# My small collection



## iced_theater (Feb 20, 2006)

Here is what my collection currently consists of. I'm missing 1 or 2 lights and have thrown away or torn apart a couple others


----------



## magic79 (Feb 20, 2006)

Beautiful collection! We have many of the same lights.
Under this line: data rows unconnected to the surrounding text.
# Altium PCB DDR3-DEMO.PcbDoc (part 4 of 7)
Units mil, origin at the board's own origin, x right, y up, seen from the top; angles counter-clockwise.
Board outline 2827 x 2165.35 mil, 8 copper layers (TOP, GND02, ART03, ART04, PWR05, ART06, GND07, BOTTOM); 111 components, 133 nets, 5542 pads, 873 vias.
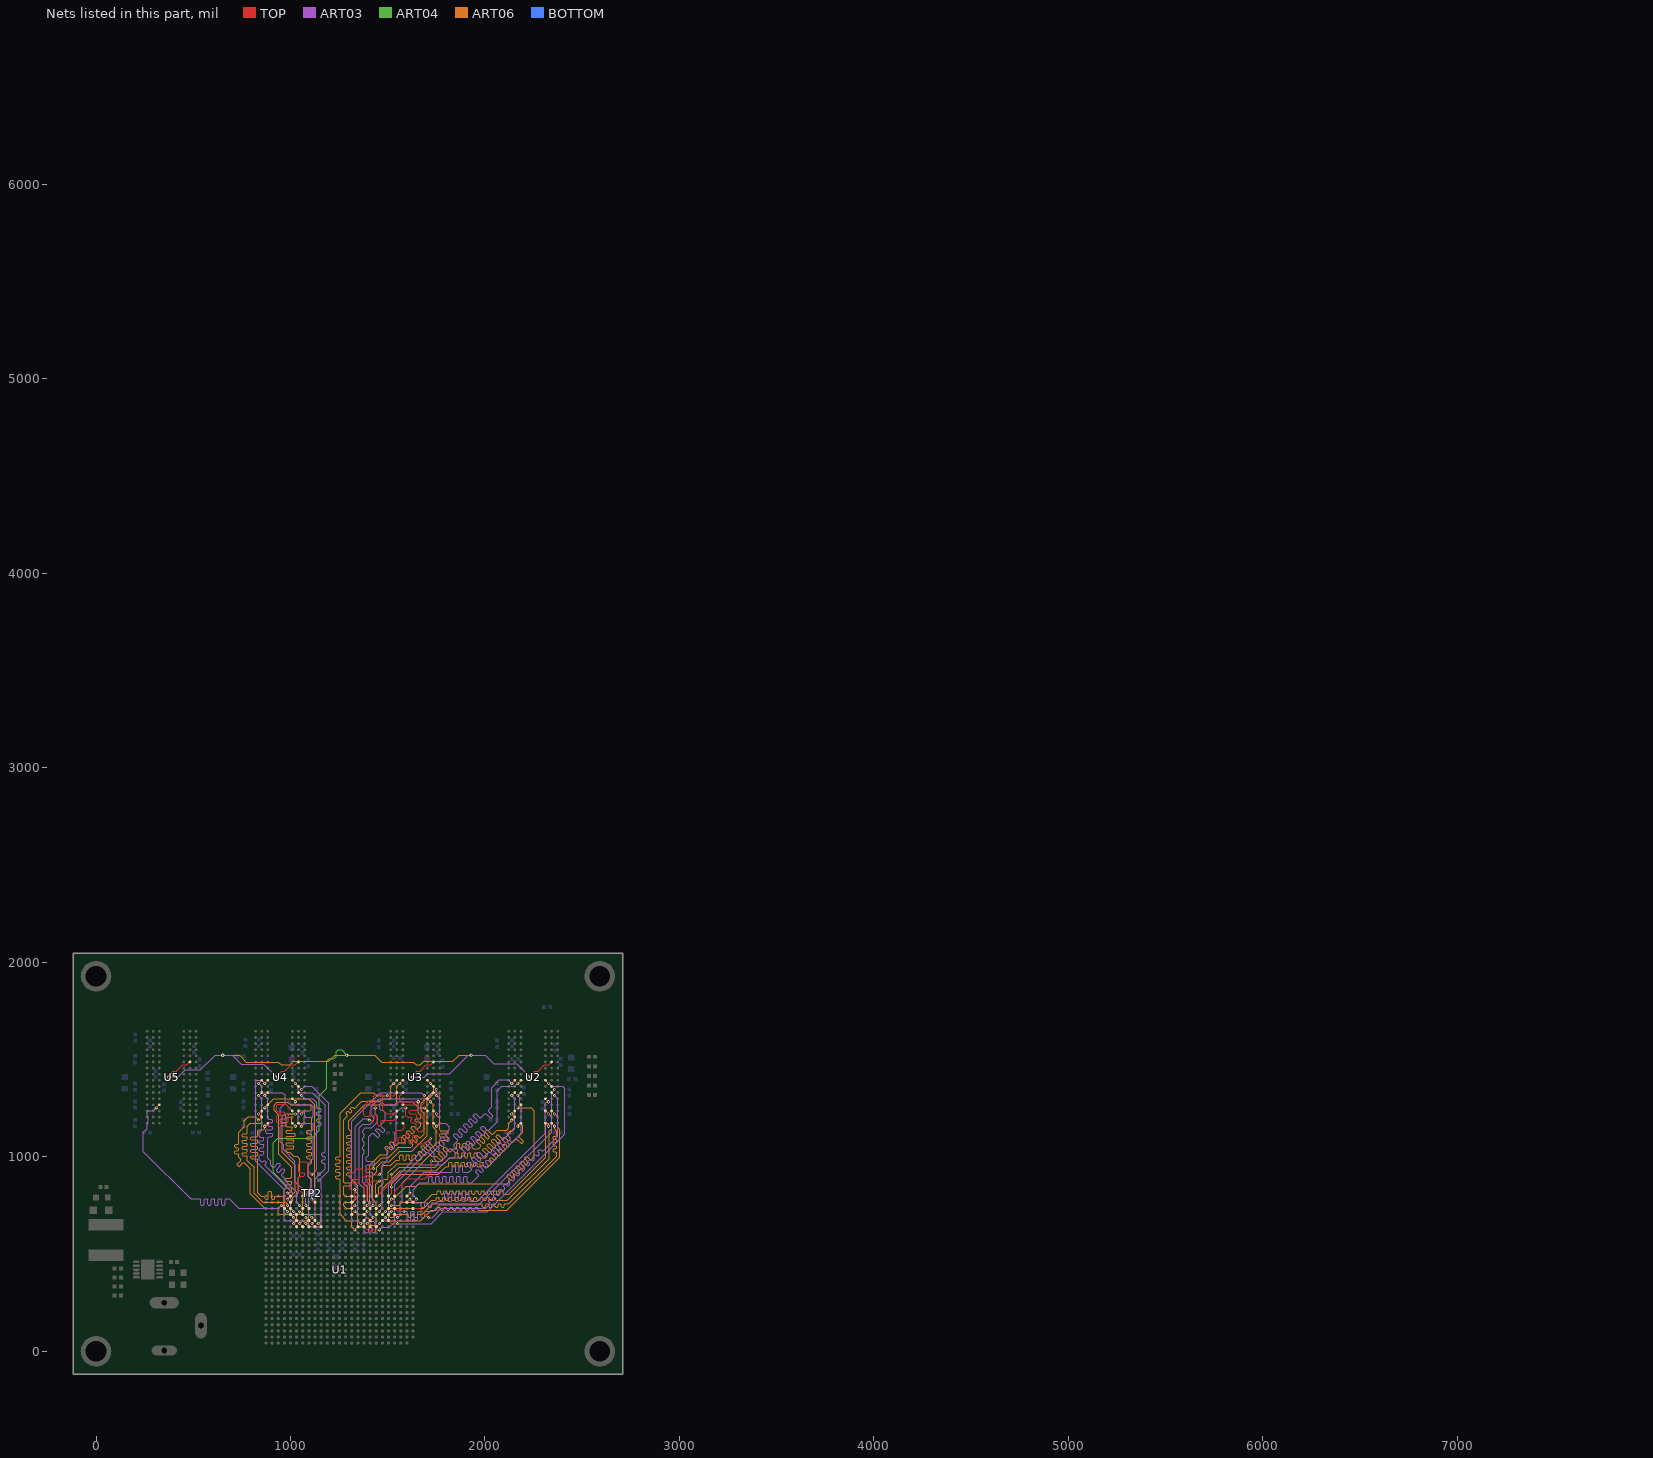
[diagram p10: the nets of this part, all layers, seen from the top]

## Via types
v1: diameter 16, hole 8, TOP to BOTTOM, tented both sides, 873 vias

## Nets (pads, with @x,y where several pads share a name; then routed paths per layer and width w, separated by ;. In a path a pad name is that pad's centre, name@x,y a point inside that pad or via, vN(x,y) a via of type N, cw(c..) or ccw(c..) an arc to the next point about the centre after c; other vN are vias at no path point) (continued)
DRAM_CS0_B: U1.Y16 U2.L2 U3.L2 U4.L2 U5.L2 | length 4745.8
  TOP w6: v1(372.67,1409.13) 384.42,1420.88 384.42,1428.35 396.42,1440.35 413.42,1440.37 445.42,1472.35 467.37,1472.35 U5.L2@482.89,1487.87 ; v1(930.65,1409.13) 942.4,1420.88 942.4,1428.35 954.4,1440.35 971.4,1440.37 1003.4,1472.35 1025.35,1472.35 U4.L2@1040.87,1487.87 ; v1(1141.66,656.12) U1.Y16@1157.41,640.37 ; v1(1625.17,1409.13) 1636.92,1420.88 1636.92,1428.35 1648.92,1440.35 1665.92,1440.37 1697.92,1472.35 1719.87,1472.35 U3.L2@1735.39,1487.87 ; v1(2232.18,1409.13) 2243.93,1420.88 2243.93,1428.35 2255.93,1440.35 2272.93,1440.37 2304.93,1472.35 2326.88,1472.35 U2.L2@2342.4,1487.87
  ART03 w6: v1(372.67,1409.13) 420.2,1409.13 458.42,1447.35 536.89,1447.35 611.78,1522.24 v1(651.66,1522.24) 700,1522.24 745.89,1476.35 863.43,1476.35 v1(930.65,1409.13) ; v1(1625.17,1409.13) 1687.42,1409.13 1706.64,1428.35 1819.42,1428.35 1913.31,1522.24 v1(1928.67,1522.24) 2001.53,1522.24 2045.42,1478.35 2162.96,1478.35 v1(2232.18,1409.13)
  ART04 w6: v1(1141.66,656.12) 1157.42,671.87 1157.42,696.35 1150.4,703.37 977.4,703.37 968.44,712.33 968.44,830.37 980.42,842.35 980.42,852.35 911.42,921.35 911.42,1072.35 935.42,1096.35 1108.42,1096.35 1148.42,1136.35 1148.42,1313.35 1187.42,1352.35 1187.42,1491.35 1199.16,1503.09 1223.16,1503.09 1235.42,1515.35 1235.42,1539.35 1245.42,1549.35 1263.05,1549.35 v1(1290.16,1522.24)
  ART06 w4.1: v1(651.66,1522.24) 738.53,1522.24 773.42,1487.35 936.92,1487.35 951.92,1472.35 996.42,1472.35 1014.42,1490.35 1196.02,1490.35 1227.91,1522.24 v1(1290.16,1522.24) 1433.53,1522.24 1468.42,1487.35 1631.42,1487.35 1646.42,1472.35 1667.42,1472.35 1685.42,1490.35 1834.53,1490.35 1866.42,1522.24 v1(1928.67,1522.24)
DRAM_CS1_B: TP2.1 U1.AD17 | length 52.6
  TOP w6: v1(1110.17,782.11) U1.AD17@1125.92,766.36
  BOTTOM w6: v1(1110.17,782.11) 1110.17,812.1 TP2.1@1110.42,812.35
DRAM_D0: U1.AD2 U2.E3 | length 1455.7
  TOP w6: U1.AD2@1598.36,766.36 v1(1614.11,782.11) ; U2.E3@2310.9,1298.89 v1(2326.65,1283.14)
  ART03 w6: v1(1614.11,782.11) 1632.86,763.35 1666.92,763.35 1671.42,758.85 1671.42,743.85 1675.92,739.35 1684.92,739.35 1689.42,743.85 1689.42,758.85 1693.92,763.35 1702.92,763.35 1707.42,758.85 1707.42,743.85 1711.92,739.35 1720.92,739.35 1725.42,743.85 1725.42,758.85 1729.92,763.35 1750.42,763.35 1757.42,770.35 1787.92,770.35 1792.42,774.85 1792.42,809.85 1796.92,814.35 1805.92,814.35 1810.42,809.85 1810.42,774.85 1814.92,770.35 1823.92,770.35 1828.42,774.85 1828.42,809.85 1832.92,814.35 1841.92,814.35 1846.42,809.85 1846.42,774.85 1850.92,770.35 1859.92,770.35 1864.42,774.85 1864.42,809.85 1868.92,814.35 1877.92,814.35 1882.42,809.85 1882.42,774.85 1886.92,770.35 1895.92,770.35 1900.42,774.85 1900.42,809.85 1904.92,814.35 1913.92,814.35 1918.42,809.85 1918.42,774.85 1922.92,770.35 1960.42,770.35 2310.9,1120.83 2310.9,1275.83 2318.21,1283.14 v1(2326.65,1283.14)
DRAM_D1: U1.AE2 U2.F8 | length 1456.2
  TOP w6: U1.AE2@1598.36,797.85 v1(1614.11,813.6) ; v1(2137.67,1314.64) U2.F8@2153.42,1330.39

What guitar is that...Rickenbacker??


----------



## iced_theater (Feb 20, 2006)

It's a Jackson Soloist. I also have a Fender Strat, Ibanez acoustic/electric, and some really old unknown acoustic.


----------



## igabo (Feb 20, 2006)

Whats that? And I'm hoping it's one of those "sleeper" lights. :devil:


----------



## iced_theater (Feb 21, 2006)

Close to a sleeper. It's more asleep than anything. It's a standard issue Union Pacific Railroad 2D light. They don't want you to wake up hobo's, or actually being able to see what your doing, so they give the most pathetic piece of lighting around. Looking around, it's most similer to a Rayovac light you can buy at Wal-Mart.


----------



## igabo (Feb 21, 2006)

Aww... I as hoping sometime along the lines of 6AA NiMH's driving a 6D Maglite Xenon bulb.


----------



## iced_theater (Feb 22, 2006)

I'm sure it could....It is a PR bulb, so all I would need is said bulb and a 6AA to 2D holder.....as for it not melting from doing that, I don't know ....Well I just wanted to see if it would work so I used the spare bulb from my 3C mag and put it in and put my 6AA-2D holder into it, and instaflashed it. For that brief 1/4 second it was bright though.....Now you got me wanting to buy a 6D bulb just to do that and ask the guys I work with why mines so much brighter than theirs.:naughty:


----------



## iced_theater (Feb 22, 2006)

Well I did it.....I'd say from a quick preliminary comparison, it's most similer to the Princton Tec Surge


----------



## Lightwave (Feb 22, 2006)

Try a Mag 5 cell Krypton bulb - it'll be even brighter due to the overvoltage. (krypton bulbs handle overvoltage better than Xenon bulbs, I've heard. And they're less $.) That's how I have one of my 2D mags setup, and I like it a lot.


----------